SQL Correlated Subqueries
A correlated subquery is a subquery that depends on values from the outer query. Unlike a regular (non-correlated) subquery, it is evaluated once for every row in the outer query. This makes correlated subqueries dynamic and highly useful for solving complex database problems like row-by-row comparisons, filtering, and conditional updates.

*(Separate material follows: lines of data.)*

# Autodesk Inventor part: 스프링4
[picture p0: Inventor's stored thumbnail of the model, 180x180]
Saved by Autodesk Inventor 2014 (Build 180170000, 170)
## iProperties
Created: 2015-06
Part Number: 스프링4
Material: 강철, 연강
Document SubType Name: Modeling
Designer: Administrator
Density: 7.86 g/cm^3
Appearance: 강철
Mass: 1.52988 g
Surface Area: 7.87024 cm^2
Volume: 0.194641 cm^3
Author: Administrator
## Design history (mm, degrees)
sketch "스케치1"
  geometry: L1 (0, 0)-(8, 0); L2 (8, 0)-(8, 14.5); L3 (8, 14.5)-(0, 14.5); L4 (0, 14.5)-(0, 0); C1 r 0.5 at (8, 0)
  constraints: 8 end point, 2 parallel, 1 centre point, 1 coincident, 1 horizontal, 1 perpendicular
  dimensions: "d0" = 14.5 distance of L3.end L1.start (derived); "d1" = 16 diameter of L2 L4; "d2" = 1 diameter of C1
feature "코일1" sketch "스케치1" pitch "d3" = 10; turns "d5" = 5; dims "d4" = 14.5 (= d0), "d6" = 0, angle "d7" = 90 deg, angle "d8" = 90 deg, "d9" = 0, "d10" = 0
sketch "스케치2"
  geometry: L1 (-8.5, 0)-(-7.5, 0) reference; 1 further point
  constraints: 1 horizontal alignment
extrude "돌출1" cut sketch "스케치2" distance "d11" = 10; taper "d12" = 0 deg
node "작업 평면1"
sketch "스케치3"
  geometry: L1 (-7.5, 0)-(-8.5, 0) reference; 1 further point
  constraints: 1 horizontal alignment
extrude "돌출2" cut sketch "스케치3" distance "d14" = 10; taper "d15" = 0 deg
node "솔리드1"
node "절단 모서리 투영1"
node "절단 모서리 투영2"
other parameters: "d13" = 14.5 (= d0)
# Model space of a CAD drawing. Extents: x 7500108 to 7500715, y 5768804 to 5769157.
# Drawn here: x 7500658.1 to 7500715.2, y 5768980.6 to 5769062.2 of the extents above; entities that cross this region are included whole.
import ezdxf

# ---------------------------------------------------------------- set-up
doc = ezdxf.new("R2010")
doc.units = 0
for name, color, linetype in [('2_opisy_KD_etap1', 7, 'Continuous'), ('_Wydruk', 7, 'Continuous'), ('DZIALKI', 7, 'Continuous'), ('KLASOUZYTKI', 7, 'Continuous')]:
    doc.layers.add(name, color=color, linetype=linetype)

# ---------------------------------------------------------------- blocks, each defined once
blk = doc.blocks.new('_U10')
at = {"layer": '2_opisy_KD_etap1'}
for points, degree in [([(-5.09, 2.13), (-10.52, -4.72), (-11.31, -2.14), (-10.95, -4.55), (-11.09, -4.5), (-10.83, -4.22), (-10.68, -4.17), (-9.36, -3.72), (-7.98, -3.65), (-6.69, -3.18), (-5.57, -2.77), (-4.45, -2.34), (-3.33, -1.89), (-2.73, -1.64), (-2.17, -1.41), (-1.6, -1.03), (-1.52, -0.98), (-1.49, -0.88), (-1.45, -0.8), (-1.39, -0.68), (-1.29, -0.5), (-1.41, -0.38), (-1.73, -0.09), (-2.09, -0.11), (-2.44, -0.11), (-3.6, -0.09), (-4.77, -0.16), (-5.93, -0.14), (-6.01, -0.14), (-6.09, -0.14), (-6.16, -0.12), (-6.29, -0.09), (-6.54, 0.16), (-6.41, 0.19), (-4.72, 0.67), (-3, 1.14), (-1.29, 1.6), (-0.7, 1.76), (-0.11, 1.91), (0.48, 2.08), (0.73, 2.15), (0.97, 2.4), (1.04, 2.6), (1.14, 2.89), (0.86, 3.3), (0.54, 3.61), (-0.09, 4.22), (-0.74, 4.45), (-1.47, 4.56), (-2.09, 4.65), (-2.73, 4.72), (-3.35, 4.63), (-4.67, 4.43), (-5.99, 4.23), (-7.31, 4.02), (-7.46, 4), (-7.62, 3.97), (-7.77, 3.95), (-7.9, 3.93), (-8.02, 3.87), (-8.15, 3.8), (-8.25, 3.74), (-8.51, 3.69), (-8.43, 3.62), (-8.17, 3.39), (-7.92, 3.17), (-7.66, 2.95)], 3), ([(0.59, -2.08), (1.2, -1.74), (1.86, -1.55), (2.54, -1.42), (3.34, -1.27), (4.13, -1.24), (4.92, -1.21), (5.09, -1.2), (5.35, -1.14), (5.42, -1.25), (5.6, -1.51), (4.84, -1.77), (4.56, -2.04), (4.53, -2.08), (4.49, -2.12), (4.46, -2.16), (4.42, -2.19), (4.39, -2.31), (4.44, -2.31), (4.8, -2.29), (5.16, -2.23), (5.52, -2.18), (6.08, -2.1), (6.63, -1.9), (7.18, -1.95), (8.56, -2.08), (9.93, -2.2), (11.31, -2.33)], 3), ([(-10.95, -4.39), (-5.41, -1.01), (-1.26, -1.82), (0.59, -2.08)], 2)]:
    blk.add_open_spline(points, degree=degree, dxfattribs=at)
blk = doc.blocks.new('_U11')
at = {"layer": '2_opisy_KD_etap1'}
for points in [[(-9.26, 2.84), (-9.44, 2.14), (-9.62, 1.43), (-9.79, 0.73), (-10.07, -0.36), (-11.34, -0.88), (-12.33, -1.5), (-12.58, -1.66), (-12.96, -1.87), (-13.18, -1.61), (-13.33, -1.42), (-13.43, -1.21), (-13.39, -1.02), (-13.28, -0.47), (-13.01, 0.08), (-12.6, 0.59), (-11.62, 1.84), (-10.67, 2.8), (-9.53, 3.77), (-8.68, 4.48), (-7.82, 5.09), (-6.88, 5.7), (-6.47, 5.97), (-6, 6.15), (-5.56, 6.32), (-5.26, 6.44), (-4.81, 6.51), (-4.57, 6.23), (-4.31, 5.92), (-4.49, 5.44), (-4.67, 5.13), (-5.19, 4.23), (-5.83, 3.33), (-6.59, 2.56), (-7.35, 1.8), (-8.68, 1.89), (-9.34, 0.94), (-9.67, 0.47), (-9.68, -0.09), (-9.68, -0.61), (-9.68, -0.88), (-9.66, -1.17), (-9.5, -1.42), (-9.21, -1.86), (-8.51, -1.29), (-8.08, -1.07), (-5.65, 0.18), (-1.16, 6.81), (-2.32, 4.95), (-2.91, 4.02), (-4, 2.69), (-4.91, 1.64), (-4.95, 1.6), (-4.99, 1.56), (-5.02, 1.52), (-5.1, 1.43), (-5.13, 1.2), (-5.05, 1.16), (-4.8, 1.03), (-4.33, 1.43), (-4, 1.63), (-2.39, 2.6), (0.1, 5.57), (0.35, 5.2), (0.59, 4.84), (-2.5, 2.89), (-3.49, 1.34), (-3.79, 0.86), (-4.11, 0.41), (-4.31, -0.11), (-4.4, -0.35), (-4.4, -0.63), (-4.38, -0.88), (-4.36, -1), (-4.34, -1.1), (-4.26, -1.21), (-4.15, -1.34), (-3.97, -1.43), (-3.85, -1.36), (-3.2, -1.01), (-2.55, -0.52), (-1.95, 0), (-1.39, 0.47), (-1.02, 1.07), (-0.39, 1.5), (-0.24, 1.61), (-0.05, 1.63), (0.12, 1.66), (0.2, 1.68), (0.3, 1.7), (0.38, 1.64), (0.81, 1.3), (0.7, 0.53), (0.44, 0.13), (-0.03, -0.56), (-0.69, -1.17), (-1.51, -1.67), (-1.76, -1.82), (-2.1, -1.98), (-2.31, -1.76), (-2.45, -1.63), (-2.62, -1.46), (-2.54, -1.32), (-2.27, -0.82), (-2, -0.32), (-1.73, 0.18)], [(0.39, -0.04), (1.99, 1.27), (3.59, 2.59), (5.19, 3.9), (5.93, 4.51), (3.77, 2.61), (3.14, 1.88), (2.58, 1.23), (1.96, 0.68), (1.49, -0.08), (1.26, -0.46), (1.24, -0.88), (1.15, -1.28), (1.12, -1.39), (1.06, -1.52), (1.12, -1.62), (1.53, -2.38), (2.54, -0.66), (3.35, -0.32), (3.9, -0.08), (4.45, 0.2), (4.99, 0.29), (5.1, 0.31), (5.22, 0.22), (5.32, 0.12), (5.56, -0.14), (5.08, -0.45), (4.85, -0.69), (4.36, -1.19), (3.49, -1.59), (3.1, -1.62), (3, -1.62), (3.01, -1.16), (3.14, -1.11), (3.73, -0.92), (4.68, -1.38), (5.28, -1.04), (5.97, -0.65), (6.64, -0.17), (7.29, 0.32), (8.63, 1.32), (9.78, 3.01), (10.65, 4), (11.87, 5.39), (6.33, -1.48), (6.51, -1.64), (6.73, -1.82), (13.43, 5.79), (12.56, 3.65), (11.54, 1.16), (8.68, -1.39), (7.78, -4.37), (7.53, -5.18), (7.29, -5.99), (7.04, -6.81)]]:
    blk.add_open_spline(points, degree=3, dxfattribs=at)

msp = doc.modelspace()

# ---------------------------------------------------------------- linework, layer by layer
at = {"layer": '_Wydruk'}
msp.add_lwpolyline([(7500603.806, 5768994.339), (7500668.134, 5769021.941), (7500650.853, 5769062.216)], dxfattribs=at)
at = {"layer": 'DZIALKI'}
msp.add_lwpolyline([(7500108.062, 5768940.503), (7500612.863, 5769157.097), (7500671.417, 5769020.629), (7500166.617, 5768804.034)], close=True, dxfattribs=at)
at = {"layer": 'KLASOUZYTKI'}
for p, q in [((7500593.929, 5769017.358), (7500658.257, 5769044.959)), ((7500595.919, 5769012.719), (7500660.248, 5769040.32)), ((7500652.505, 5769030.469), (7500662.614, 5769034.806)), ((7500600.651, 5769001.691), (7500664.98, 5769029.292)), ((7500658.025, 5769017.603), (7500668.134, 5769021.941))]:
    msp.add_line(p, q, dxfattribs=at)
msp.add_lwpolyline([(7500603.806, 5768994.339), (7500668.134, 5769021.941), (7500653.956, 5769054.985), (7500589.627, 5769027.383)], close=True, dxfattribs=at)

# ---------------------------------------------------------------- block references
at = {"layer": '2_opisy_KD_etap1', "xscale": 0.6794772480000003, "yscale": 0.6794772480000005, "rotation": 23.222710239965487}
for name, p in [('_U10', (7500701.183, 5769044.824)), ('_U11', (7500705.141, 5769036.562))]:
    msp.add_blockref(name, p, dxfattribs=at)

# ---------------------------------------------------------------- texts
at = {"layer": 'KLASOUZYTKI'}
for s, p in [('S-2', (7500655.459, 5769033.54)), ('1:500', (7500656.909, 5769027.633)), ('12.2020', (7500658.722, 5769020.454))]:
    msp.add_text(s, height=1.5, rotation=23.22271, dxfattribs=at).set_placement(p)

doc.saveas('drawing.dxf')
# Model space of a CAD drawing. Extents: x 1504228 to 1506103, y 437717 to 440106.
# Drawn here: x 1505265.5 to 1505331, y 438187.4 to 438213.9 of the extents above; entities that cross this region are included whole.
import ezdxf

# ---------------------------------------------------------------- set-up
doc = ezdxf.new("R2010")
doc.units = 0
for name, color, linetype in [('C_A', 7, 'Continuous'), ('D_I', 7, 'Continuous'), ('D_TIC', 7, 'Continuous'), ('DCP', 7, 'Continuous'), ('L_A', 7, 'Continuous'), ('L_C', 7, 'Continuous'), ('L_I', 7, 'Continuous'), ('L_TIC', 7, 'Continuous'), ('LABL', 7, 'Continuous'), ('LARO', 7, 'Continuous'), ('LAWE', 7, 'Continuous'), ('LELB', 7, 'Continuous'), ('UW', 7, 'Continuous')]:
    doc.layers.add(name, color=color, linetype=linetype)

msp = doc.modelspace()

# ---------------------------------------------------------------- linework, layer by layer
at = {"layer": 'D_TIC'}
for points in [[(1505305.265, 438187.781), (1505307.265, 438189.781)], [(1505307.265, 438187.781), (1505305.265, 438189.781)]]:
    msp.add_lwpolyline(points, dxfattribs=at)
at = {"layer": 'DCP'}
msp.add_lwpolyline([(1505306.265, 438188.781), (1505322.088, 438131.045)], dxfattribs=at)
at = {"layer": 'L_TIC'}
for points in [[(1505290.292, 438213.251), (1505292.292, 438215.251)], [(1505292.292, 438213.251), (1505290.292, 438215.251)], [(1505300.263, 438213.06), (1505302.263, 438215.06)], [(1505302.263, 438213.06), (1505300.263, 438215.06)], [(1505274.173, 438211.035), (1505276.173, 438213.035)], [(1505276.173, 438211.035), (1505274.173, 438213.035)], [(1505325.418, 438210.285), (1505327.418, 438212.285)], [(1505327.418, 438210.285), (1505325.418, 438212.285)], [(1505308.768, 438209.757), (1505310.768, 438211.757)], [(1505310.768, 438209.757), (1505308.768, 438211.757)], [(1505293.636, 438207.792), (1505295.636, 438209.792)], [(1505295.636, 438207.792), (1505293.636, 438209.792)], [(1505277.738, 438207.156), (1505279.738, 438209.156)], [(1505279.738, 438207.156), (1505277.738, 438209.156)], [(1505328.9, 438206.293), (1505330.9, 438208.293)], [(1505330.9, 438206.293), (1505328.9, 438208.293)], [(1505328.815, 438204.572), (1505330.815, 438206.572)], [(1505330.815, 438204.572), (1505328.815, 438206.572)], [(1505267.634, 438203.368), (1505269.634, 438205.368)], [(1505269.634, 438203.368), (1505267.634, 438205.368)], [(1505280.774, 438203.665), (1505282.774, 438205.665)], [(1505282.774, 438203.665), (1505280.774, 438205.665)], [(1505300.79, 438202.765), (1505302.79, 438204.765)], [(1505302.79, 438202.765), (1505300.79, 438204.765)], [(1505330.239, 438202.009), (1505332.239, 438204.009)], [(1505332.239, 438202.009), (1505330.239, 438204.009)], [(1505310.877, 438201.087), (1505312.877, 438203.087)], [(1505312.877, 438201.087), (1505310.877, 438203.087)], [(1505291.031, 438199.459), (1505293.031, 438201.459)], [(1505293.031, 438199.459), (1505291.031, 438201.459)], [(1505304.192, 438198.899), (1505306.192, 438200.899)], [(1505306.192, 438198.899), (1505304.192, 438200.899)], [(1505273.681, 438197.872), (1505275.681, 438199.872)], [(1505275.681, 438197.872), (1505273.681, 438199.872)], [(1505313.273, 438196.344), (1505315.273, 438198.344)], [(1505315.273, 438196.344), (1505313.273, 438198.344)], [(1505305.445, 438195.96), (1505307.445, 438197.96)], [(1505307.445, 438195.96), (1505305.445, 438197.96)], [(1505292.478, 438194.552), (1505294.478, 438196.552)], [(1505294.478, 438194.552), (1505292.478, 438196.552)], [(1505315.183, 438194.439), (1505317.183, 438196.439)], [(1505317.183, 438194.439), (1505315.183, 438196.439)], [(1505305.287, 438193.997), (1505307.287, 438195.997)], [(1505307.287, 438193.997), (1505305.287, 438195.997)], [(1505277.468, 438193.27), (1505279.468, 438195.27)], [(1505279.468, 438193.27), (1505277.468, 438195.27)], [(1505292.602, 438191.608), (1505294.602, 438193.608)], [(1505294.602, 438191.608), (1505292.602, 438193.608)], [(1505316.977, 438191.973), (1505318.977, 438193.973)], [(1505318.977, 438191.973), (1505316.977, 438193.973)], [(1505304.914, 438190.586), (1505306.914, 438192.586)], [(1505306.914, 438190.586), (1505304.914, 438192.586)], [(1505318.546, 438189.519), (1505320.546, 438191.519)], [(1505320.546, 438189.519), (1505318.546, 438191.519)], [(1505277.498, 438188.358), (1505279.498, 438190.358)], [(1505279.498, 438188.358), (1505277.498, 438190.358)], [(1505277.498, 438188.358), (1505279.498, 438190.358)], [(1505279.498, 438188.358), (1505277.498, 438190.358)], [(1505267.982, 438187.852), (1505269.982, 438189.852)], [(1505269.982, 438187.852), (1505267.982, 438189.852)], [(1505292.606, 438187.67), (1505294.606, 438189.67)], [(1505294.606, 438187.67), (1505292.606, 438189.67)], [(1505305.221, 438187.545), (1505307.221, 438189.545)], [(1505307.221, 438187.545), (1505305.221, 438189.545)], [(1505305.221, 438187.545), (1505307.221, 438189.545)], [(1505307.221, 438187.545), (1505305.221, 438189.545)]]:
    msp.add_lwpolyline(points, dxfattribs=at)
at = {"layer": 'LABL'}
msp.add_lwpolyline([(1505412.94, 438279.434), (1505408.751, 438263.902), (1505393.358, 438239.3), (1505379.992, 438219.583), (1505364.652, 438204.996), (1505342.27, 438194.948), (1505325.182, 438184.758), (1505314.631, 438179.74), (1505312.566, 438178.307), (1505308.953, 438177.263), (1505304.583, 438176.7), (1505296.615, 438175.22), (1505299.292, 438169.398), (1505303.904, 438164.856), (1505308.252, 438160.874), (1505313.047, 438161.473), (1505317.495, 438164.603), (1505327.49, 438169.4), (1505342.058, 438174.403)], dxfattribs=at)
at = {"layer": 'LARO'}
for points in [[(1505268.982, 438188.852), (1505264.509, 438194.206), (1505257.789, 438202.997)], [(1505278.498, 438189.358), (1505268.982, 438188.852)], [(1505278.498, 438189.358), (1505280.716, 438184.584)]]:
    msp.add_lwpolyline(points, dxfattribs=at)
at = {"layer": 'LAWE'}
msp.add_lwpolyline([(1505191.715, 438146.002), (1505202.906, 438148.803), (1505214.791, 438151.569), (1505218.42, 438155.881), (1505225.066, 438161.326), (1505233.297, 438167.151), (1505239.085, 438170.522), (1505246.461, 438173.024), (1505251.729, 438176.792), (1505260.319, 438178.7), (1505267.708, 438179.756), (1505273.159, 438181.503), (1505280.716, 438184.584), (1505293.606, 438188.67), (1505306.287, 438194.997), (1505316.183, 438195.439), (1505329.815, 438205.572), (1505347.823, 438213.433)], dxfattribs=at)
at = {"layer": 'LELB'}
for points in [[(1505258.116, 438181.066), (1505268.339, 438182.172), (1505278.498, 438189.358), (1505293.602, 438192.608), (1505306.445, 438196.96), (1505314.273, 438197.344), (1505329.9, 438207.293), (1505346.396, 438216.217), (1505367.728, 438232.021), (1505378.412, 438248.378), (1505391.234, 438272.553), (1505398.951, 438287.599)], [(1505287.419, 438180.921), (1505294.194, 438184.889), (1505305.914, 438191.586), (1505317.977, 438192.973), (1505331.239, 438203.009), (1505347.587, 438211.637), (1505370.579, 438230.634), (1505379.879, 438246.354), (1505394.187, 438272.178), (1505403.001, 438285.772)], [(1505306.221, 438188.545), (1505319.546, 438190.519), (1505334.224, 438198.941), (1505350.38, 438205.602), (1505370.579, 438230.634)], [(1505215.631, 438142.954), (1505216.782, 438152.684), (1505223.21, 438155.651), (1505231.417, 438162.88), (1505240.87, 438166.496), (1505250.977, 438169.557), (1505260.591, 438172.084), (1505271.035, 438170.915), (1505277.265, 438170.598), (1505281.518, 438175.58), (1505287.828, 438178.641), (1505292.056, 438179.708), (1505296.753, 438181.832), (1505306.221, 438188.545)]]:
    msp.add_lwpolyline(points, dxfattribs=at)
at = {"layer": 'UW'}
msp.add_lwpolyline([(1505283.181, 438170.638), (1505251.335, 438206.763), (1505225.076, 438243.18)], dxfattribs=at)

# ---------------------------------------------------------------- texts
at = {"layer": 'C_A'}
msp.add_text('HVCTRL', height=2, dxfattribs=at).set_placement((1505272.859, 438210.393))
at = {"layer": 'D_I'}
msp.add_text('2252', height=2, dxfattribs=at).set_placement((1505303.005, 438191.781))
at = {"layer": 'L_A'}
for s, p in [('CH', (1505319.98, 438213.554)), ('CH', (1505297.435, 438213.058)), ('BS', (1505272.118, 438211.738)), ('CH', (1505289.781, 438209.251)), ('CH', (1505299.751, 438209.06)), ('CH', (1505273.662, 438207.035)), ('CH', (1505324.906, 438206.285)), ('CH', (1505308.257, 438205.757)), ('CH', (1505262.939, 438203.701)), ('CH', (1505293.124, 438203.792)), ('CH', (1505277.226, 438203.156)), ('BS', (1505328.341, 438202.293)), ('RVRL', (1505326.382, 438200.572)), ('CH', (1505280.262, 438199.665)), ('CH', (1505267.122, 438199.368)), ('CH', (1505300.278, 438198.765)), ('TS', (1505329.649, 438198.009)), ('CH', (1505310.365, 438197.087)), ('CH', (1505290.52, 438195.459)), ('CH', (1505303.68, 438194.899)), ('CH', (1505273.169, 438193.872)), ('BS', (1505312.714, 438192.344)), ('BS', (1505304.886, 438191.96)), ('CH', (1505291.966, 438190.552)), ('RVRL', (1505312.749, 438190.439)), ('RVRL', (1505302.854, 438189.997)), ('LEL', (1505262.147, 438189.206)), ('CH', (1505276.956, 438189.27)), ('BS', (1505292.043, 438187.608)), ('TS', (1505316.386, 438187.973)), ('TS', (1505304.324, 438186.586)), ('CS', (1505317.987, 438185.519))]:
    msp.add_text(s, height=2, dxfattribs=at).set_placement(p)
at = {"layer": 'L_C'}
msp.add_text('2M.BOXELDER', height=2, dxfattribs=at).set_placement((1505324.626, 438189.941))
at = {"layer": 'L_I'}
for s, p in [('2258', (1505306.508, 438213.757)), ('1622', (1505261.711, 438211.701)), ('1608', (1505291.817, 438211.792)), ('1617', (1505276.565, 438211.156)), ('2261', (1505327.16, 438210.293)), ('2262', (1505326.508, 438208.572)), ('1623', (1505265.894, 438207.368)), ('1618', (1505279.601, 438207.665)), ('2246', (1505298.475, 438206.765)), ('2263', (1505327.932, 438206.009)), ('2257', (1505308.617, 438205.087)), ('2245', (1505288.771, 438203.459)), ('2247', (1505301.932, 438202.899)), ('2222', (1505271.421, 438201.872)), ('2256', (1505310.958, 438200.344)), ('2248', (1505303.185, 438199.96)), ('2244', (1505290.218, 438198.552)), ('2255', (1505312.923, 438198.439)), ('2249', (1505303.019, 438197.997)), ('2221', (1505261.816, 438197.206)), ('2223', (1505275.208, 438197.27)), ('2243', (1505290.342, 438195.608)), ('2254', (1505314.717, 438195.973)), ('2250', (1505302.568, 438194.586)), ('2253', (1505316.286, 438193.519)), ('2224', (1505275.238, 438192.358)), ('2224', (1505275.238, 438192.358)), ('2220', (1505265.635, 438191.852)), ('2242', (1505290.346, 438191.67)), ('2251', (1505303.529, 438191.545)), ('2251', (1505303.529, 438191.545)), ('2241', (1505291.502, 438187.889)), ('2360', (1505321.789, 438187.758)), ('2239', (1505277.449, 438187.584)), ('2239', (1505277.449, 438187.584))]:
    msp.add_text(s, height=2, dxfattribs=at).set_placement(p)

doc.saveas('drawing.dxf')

- Executes once for each row of the outer query.
- Subquery uses values from the outer query.
- Ideal for ranking, row-specific calculations, and conditional logic
Syntax:
SELECT column1, column2, ...
FROM table1 outer
WHERE column1 operator
(SELECT column
FROM table2
WHERE expr1 = outer.expr2);
Correlated Subquery Examples
Correlated subqueries are best understood through practical use cases. Below are some common scenarios where they are used to filter, update, or compare data row by row.
1. Fetching Data Based on Row-Specific Conditions
Correlated subqueries are often used when you need to filter data based on a condition that involves comparing values from the outer query.
Example: Fetch Employees Who Earn More Than Their Department's Average Salary
SELECT last_name, salary, department_id
FROM employees outer
WHERE salary >
(SELECT AVG(salary)
FROM employees
WHERE department_id =
outer.department_id group by department_id);
Explanation:
The subquery calculates the average salary for each department, and for each employee, the outer query checks if their salary is greater than the average for their department.
2. Using Correlated Subqueries with UPDATE
Correlated subqueries can also be used with UPDATE statements to modify data based on related information from another table.
Example: Update Employee Salary Based on Department Average
UPDATE employees e
SET salary = (SELECT AVG(salary)
FROM employees
WHERE department_id = e.department_id)
WHERE department_id = 101;
Explanation:
This query updates the salaries of employees in department 101 based on the average salary for that department. The subquery is evaluated for each row in the employees table.
3. Using Correlated Subqueries with DELETE
We can use a correlated subquery within a DELETE statement to remove rows from one table based on conditions in another table.
Example: Delete Employees Who Do Not Belong to Department 101
DELETE FROM table1 alias1
WHERE column1 operator
(SELECT expression
FROM table2 alias2
WHERE alias1.column = alias2.column);
Explanation:
This query deletes employees who do not belong to the 'HR' department by using a correlated subquery in the NOT EXISTS clause.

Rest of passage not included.